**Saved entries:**
####

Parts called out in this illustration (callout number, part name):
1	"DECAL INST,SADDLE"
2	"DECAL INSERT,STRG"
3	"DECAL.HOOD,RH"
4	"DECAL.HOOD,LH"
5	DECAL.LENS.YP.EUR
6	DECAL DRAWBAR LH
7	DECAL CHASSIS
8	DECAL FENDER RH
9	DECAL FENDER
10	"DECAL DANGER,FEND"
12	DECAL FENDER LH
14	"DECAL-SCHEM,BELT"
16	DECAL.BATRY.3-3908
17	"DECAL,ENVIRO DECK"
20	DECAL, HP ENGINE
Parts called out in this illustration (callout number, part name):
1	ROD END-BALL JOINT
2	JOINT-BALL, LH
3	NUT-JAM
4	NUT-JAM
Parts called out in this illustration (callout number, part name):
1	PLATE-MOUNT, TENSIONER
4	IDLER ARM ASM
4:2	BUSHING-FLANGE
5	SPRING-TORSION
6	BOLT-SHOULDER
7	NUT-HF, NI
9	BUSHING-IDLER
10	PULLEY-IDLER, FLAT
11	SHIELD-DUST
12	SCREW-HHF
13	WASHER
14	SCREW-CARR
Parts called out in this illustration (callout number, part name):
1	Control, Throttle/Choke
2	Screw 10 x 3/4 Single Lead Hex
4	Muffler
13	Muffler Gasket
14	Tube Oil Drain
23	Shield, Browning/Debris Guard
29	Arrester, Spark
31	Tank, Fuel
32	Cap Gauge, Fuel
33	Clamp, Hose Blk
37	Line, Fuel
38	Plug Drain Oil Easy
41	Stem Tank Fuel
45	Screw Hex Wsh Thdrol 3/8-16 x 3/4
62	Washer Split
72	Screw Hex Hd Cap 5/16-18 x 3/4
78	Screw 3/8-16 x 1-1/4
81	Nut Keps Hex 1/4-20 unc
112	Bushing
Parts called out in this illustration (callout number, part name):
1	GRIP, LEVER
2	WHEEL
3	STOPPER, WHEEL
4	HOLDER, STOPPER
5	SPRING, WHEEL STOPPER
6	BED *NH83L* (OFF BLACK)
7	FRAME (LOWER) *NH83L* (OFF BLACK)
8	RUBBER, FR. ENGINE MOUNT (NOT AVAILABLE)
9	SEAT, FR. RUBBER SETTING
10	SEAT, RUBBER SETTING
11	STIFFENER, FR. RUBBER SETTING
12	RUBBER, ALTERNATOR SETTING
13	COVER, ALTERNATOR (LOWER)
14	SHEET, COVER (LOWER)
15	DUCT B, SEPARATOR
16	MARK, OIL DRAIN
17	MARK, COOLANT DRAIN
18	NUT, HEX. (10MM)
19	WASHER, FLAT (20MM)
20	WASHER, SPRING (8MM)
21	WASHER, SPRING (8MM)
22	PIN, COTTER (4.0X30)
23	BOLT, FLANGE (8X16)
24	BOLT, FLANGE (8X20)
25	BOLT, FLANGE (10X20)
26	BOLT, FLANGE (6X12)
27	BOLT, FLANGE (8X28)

####

**Task:** Each record above has to be set down again, word for word.

**Exercise response:**
Parts called out in this illustration (callout number, part name):
1	"DECAL INST,SADDLE"
2	"DECAL INSERT,STRG"
3	"DECAL.HOOD,RH"
4	"DECAL.HOOD,LH"
5	DECAL.LENS.YP.EUR
6	DECAL DRAWBAR LH
7	DECAL CHASSIS
8	DECAL FENDER RH
9	DECAL FENDER
10	"DECAL DANGER,FEND"
12	DECAL FENDER LH
14	"DECAL-SCHEM,BELT"
16	DECAL.BATRY.3-3908
17	"DECAL,ENVIRO DECK"
20	DECAL, HP ENGINE
Parts called out in this illustration (callout number, part name):
1	ROD END-BALL JOINT
2	JOINT-BALL, LH
3	NUT-JAM
4	NUT-JAM
Parts called out in this illustration (callout number, part name):
1	PLATE-MOUNT, TENSIONER
4	IDLER ARM ASM
4:2	BUSHING-FLANGE
5	SPRING-TORSION
6	BOLT-SHOULDER
7	NUT-HF, NI
9	BUSHING-IDLER
10	PULLEY-IDLER, FLAT
11	SHIELD-DUST
12	SCREW-HHF
13	WASHER
14	SCREW-CARR
Parts called out in this illustration (callout number, part name):
1	Control, Throttle/Choke
2	Screw 10 x 3/4 Single Lead Hex
4	Muffler
13	Muffler Gasket
14	Tube Oil Drain
23	Shield, Browning/Debris Guard
29	Arrester, Spark
31	Tank, Fuel
32	Cap Gauge, Fuel
33	Clamp, Hose Blk
37	Line, Fuel
38	Plug Drain Oil Easy
41	Stem Tank Fuel
45	Screw Hex Wsh Thdrol 3/8-16 x 3/4
62	Washer Split
72	Screw Hex Hd Cap 5/16-18 x 3/4
78	Screw 3/8-16 x 1-1/4
81	Nut Keps Hex 1/4-20 unc
112	Bushing
Parts called out in this illustration (callout number, part name):
1	GRIP, LEVER
2	WHEEL
3	STOPPER, WHEEL
4	HOLDER, STOPPER
5	SPRING, WHEEL STOPPER
6	BED *NH83L* (OFF BLACK)
7	FRAME (LOWER) *NH83L* (OFF BLACK)
8	RUBBER, FR. ENGINE MOUNT (NOT AVAILABLE)
9	SEAT, FR. RUBBER SETTING
10	SEAT, RUBBER SETTING
11	STIFFENER, FR. RUBBER SETTING
12	RUBBER, ALTERNATOR SETTING
13	COVER, ALTERNATOR (LOWER)
14	SHEET, COVER (LOWER)
15	DUCT B, SEPARATOR
16	MARK, OIL DRAIN
17	MARK, COOLANT DRAIN
18	NUT, HEX. (10MM)
19	WASHER, FLAT (20MM)
20	WASHER, SPRING (8MM)
21	WASHER, SPRING (8MM)
22	PIN, COTTER (4.0X30)
23	BOLT, FLANGE (8X16)
24	BOLT, FLANGE (8X20)
25	BOLT, FLANGE (10X20)
26	BOLT, FLANGE (6X12)
27	BOLT, FLANGE (8X28)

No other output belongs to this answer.